START RECORDS PROVIDED
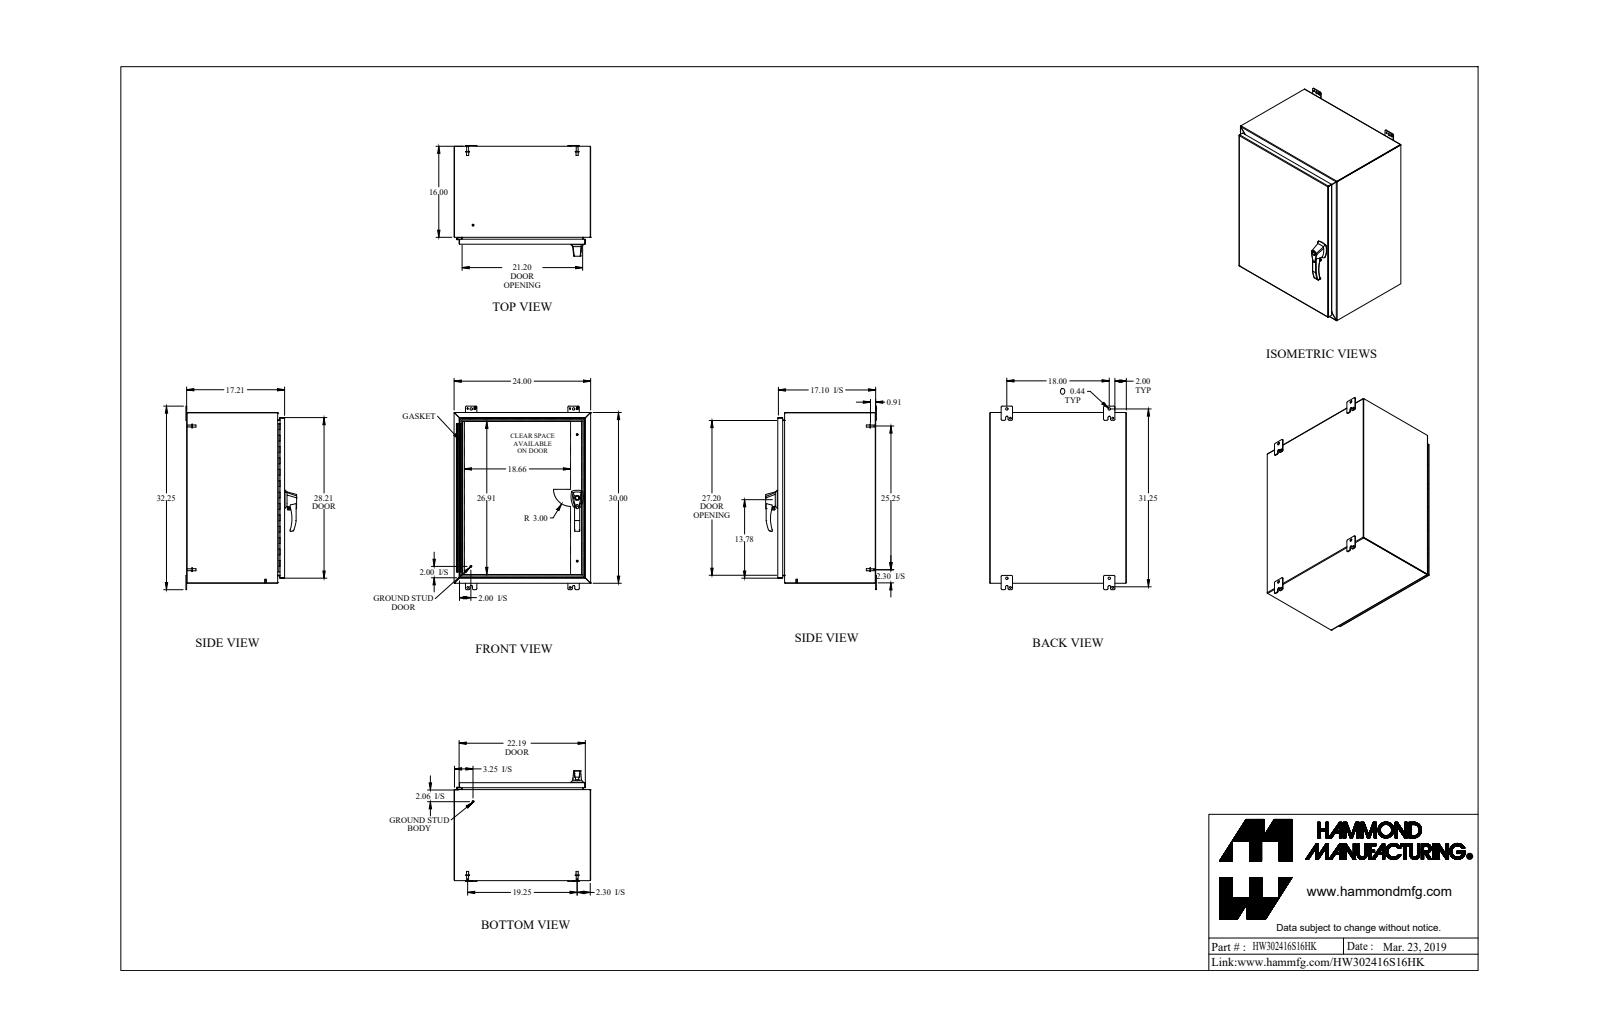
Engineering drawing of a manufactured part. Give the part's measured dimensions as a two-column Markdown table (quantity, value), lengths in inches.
| quantity | value |
| --- | --- |
| part name | HW302416S16HK |
| STEP written by | SolidWorks 2018 (AUTOMOTIVE_DESIGN) |
| units | inches |
| bodies | 44 solids, 1422 faces (675 planar, 603 cylindrical, 144 other) |
| overall size | 32.25 × 24 × 19.45 |
| volume | 281.2 in³ |
| surface area | 7 409 in² |
| round holes (diameter × count) | 0.176 × 6, 0.313 × 5, 0.25 × 3, 0.265 × 3, 0.413 × 3, 0.196 × 2, 0.256 × 2, 0.394 × 2, 0.437 × 2, 0.11 × 1, 0.233 × 1, 0.33 × 1 |
| round bosses / shafts (diameter × count) | 0.375 × 9, 0.25 × 7, 0.156 × 6, 0.65 × 4, 0.332 × 4, 0.313 × 4, 1 × 3, 0.51 × 3 |
| partial cylindrical surfaces (radius × count) | 0.25 × 27, 0.188 × 24, 0.036 × 18, 0.108 × 18, 0.06 × 12, 0.125 × 9, 0.045 × 8, 0.218 × 8 |
| main face-to-face distances | 0.072, 23.928, 29.928, 0.072, 17.138, 17.066, 17.138, 17.21, 23.856, 24 |
| hole center spacings | 1.11, 11.118, 11.119, 22.237, 1.338, 9.78, 10.563, 10.565 |
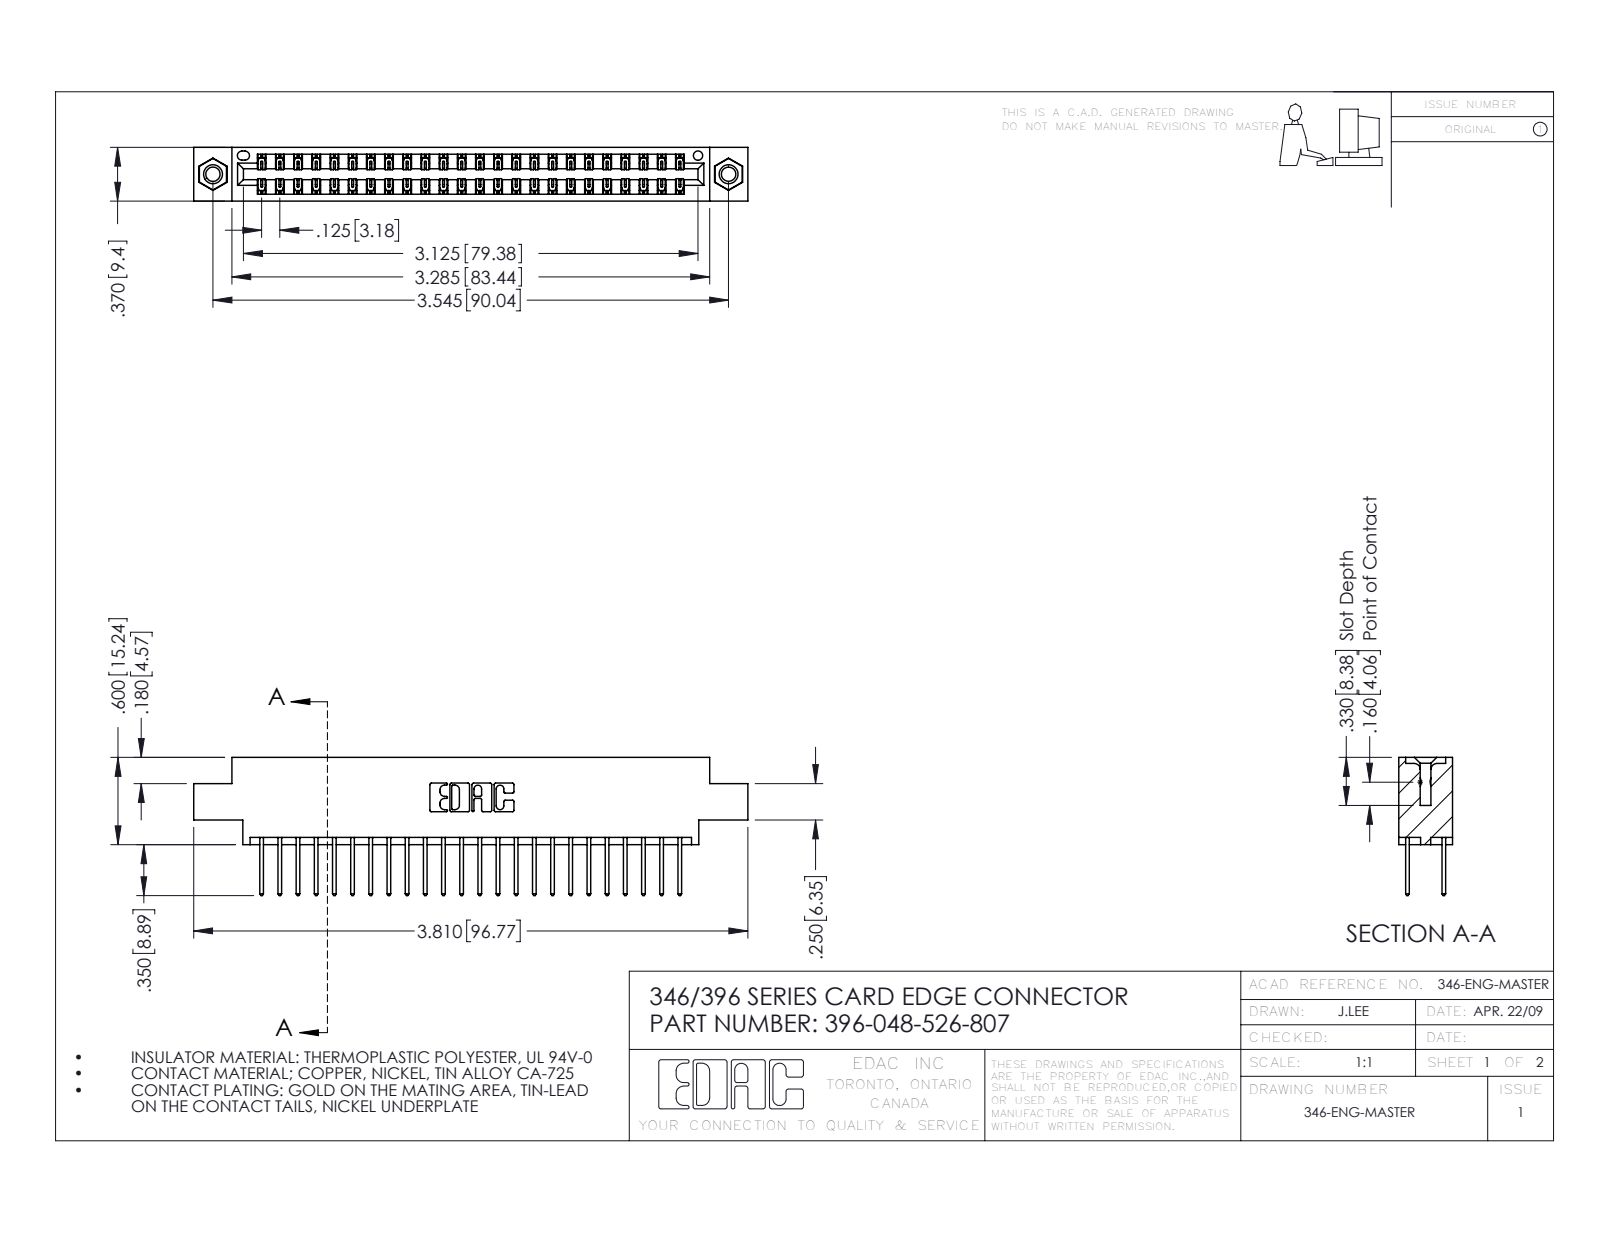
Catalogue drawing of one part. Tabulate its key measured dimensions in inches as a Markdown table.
| quantity | value |
| --- | --- |
| part name | 396-048-526-807; 345-250-001_345-250-005-103; 345-292-001_345-293-126; 346 Part_0.170 Offset - 0.156 Dia-TI |
| STEP written by | SolidWorks 2016 (CONFIG_CONTROL_DESIGN) |
| units | inches |
| bodies | 51 solids, 2682 faces (1792 planar, 874 cylindrical, 16 other) |
| overall size | 3.81 × 0.95 × 0.37 |
| volume | 0.562 in³ |
| surface area | 20.06 in² |
| round holes (diameter × count) | 0.098 × 2, 0.125 × 2, 0.156 × 2, 0.064 × 1 |
| round bosses / shafts (diameter × count) | 0.155 × 2 |
| partial cylindrical surfaces (radius × count) | 0.006 × 72, 0.01 × 48, 0.01 × 22, 0.007 × 6, 0.031 × 6, 0.026 × 3, 0.014 × 2, 0.022 × 2 |
| main face-to-face distances | 0.048, 0.322, 0.25, 0.37, 0.072, 0.298, 0.025, 0.275, 0.222, 0.148 |
| hole center spacings | 0.246, 3.337, 3.545 |
END RECORDS PROVIDED
> TASK DIRECTIONS: A word-for-word retyping of every record is required, without the pictures.

> SOLUTION TO THE PROBLEM:
Engineering drawing of a manufactured part. Give the part's measured dimensions as a two-column Markdown table (quantity, value), lengths in inches.
| quantity | value |
| --- | --- |
| part name | HW302416S16HK |
| STEP written by | SolidWorks 2018 (AUTOMOTIVE_DESIGN) |
| units | inches |
| bodies | 44 solids, 1422 faces (675 planar, 603 cylindrical, 144 other) |
| overall size | 32.25 × 24 × 19.45 |
| volume | 281.2 in³ |
| surface area | 7 409 in² |
| round holes (diameter × count) | 0.176 × 6, 0.313 × 5, 0.25 × 3, 0.265 × 3, 0.413 × 3, 0.196 × 2, 0.256 × 2, 0.394 × 2, 0.437 × 2, 0.11 × 1, 0.233 × 1, 0.33 × 1 |
| round bosses / shafts (diameter × count) | 0.375 × 9, 0.25 × 7, 0.156 × 6, 0.65 × 4, 0.332 × 4, 0.313 × 4, 1 × 3, 0.51 × 3 |
| partial cylindrical surfaces (radius × count) | 0.25 × 27, 0.188 × 24, 0.036 × 18, 0.108 × 18, 0.06 × 12, 0.125 × 9, 0.045 × 8, 0.218 × 8 |
| main face-to-face distances | 0.072, 23.928, 29.928, 0.072, 17.138, 17.066, 17.138, 17.21, 23.856, 24 |
| hole center spacings | 1.11, 11.118, 11.119, 22.237, 1.338, 9.78, 10.563, 10.565 |
Catalogue drawing of one part. Tabulate its key measured dimensions in inches as a Markdown table.
| quantity | value |
| --- | --- |
| part name | 396-048-526-807; 345-250-001_345-250-005-103; 345-292-001_345-293-126; 346 Part_0.170 Offset - 0.156 Dia-TI |
| STEP written by | SolidWorks 2016 (CONFIG_CONTROL_DESIGN) |
| units | inches |
| bodies | 51 solids, 2682 faces (1792 planar, 874 cylindrical, 16 other) |
| overall size | 3.81 × 0.95 × 0.37 |
| volume | 0.562 in³ |
| surface area | 20.06 in² |
| round holes (diameter × count) | 0.098 × 2, 0.125 × 2, 0.156 × 2, 0.064 × 1 |
| round bosses / shafts (diameter × count) | 0.155 × 2 |
| partial cylindrical surfaces (radius × count) | 0.006 × 72, 0.01 × 48, 0.01 × 22, 0.007 × 6, 0.031 × 6, 0.026 × 3, 0.014 × 2, 0.022 × 2 |
| main face-to-face distances | 0.048, 0.322, 0.25, 0.37, 0.072, 0.298, 0.025, 0.275, 0.222, 0.148 |
| hole center spacings | 0.246, 3.337, 3.545 |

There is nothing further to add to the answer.